## Goal of the exercise
Which of the lines below include "dimensions"? Each one should be copied out.
Extracted data below:
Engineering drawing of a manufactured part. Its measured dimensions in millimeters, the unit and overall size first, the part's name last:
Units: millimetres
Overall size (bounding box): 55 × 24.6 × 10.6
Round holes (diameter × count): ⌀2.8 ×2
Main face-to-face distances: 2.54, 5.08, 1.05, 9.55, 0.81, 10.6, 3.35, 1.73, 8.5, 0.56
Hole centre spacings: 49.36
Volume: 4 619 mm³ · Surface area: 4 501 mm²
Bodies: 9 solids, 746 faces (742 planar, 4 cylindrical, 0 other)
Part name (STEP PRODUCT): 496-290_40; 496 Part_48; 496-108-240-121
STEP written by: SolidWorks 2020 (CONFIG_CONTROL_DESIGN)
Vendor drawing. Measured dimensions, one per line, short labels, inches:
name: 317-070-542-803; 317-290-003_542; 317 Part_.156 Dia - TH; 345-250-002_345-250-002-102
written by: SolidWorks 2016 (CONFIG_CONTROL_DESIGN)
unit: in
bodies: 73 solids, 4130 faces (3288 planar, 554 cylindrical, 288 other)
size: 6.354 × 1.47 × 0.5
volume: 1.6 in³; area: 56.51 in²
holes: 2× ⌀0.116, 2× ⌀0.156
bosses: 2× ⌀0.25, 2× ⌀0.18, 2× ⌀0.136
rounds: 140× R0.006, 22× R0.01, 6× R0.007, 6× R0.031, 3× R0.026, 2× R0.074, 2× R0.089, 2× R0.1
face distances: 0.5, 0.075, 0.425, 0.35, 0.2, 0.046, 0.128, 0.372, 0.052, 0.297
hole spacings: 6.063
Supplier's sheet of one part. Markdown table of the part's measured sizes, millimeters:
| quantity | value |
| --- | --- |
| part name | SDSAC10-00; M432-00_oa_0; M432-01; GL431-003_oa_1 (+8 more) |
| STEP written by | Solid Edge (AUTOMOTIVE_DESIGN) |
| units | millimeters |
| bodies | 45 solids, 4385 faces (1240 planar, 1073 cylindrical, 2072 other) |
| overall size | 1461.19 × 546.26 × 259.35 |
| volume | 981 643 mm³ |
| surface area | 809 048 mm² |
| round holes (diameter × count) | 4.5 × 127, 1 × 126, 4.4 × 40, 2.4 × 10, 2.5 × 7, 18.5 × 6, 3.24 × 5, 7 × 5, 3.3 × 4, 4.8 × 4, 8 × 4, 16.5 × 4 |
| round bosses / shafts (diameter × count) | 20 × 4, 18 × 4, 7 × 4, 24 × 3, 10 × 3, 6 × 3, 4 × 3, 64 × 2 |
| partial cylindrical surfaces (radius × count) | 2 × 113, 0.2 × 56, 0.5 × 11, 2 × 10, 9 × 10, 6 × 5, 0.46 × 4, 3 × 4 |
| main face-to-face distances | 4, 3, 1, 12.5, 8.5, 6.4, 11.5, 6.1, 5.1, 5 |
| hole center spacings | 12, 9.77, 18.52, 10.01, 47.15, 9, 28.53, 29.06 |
End of Extracted data.
## Answer area
Engineering drawing of a manufactured part. Its measured dimensions in millimeters, the unit and overall size first, the part's name last:
Vendor drawing. Measured dimensions, one per line, short labels, inches:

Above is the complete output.